##### The data
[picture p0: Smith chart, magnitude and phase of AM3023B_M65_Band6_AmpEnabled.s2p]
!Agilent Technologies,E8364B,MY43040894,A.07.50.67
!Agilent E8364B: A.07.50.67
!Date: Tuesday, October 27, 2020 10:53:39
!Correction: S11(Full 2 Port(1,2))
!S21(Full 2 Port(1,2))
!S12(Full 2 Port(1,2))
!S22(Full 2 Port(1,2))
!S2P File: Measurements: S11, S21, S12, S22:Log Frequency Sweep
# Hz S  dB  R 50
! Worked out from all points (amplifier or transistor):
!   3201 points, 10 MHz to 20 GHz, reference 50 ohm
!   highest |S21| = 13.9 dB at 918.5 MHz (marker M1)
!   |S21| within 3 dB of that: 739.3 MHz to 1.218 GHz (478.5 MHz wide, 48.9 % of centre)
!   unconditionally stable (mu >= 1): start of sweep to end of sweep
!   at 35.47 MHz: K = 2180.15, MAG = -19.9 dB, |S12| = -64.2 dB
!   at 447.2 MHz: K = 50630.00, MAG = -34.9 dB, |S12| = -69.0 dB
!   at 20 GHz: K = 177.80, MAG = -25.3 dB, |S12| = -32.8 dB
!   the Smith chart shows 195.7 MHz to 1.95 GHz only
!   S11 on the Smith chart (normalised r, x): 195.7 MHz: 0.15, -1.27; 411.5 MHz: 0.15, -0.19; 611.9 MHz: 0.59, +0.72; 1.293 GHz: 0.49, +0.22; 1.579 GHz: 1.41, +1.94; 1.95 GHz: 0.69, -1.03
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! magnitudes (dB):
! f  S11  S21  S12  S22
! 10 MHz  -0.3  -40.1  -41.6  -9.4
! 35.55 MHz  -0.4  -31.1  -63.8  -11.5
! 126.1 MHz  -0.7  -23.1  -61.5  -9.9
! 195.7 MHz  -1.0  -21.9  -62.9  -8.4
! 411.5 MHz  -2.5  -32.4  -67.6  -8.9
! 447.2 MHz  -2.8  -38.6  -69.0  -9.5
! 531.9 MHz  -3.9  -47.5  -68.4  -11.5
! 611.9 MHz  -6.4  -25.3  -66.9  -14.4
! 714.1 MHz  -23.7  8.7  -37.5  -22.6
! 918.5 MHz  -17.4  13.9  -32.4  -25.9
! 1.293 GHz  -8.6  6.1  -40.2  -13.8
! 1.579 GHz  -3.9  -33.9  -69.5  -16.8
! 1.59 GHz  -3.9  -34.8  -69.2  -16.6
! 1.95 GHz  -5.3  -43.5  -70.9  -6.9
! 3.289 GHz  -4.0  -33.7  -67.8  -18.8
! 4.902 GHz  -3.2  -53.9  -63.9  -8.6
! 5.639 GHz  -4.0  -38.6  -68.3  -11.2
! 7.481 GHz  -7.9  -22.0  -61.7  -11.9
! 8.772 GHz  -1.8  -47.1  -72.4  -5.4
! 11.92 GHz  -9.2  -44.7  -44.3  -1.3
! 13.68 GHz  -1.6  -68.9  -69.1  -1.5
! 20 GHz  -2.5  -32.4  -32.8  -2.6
##########
**Task directions:**
Using the material above, retype every line without altering it.

**Answer box:**
[picture p0: Smith chart, magnitude and phase of AM3023B_M65_Band6_AmpEnabled.s2p]
!Agilent Technologies,E8364B,MY43040894,A.07.50.67
!Agilent E8364B: A.07.50.67
!Date: Tuesday, October 27, 2020 10:53:39
!Correction: S11(Full 2 Port(1,2))
!S21(Full 2 Port(1,2))
!S12(Full 2 Port(1,2))
!S22(Full 2 Port(1,2))
!S2P File: Measurements: S11, S21, S12, S22:Log Frequency Sweep
# Hz S  dB  R 50
! Worked out from all points (amplifier or transistor):
!   3201 points, 10 MHz to 20 GHz, reference 50 ohm
!   highest |S21| = 13.9 dB at 918.5 MHz (marker M1)
!   |S21| within 3 dB of that: 739.3 MHz to 1.218 GHz (478.5 MHz wide, 48.9 % of centre)
!   unconditionally stable (mu >= 1): start of sweep to end of sweep
!   at 35.47 MHz: K = 2180.15, MAG = -19.9 dB, |S12| = -64.2 dB
!   at 447.2 MHz: K = 50630.00, MAG = -34.9 dB, |S12| = -69.0 dB
!   at 20 GHz: K = 177.80, MAG = -25.3 dB, |S12| = -32.8 dB
!   the Smith chart shows 195.7 MHz to 1.95 GHz only
!   S11 on the Smith chart (normalised r, x): 195.7 MHz: 0.15, -1.27; 411.5 MHz: 0.15, -0.19; 611.9 MHz: 0.59, +0.72; 1.293 GHz: 0.49, +0.22; 1.579 GHz: 1.41, +1.94; 1.95 GHz: 0.69, -1.03
! magnitudes (dB):
! f  S11  S21  S12  S22
! 10 MHz  -0.3  -40.1  -41.6  -9.4
! 35.55 MHz  -0.4  -31.1  -63.8  -11.5
! 126.1 MHz  -0.7  -23.1  -61.5  -9.9
! 195.7 MHz  -1.0  -21.9  -62.9  -8.4
! 411.5 MHz  -2.5  -32.4  -67.6  -8.9
! 447.2 MHz  -2.8  -38.6  -69.0  -9.5
! 531.9 MHz  -3.9  -47.5  -68.4  -11.5
! 611.9 MHz  -6.4  -25.3  -66.9  -14.4
! 714.1 MHz  -23.7  8.7  -37.5  -22.6
! 918.5 MHz  -17.4  13.9  -32.4  -25.9
! 1.293 GHz  -8.6  6.1  -40.2  -13.8
! 1.579 GHz  -3.9  -33.9  -69.5  -16.8
! 1.59 GHz  -3.9  -34.8  -69.2  -16.6
! 1.95 GHz  -5.3  -43.5  -70.9  -6.9
! 3.289 GHz  -4.0  -33.7  -67.8  -18.8
! 4.902 GHz  -3.2  -53.9  -63.9  -8.6
! 5.639 GHz  -4.0  -38.6  -68.3  -11.2
! 7.481 GHz  -7.9  -22.0  -61.7  -11.9
! 8.772 GHz  -1.8  -47.1  -72.4  -5.4
! 11.92 GHz  -9.2  -44.7  -44.3  -1.3
! 13.68 GHz  -1.6  -68.9  -69.1  -1.5
! 20 GHz  -2.5  -32.4  -32.8  -2.6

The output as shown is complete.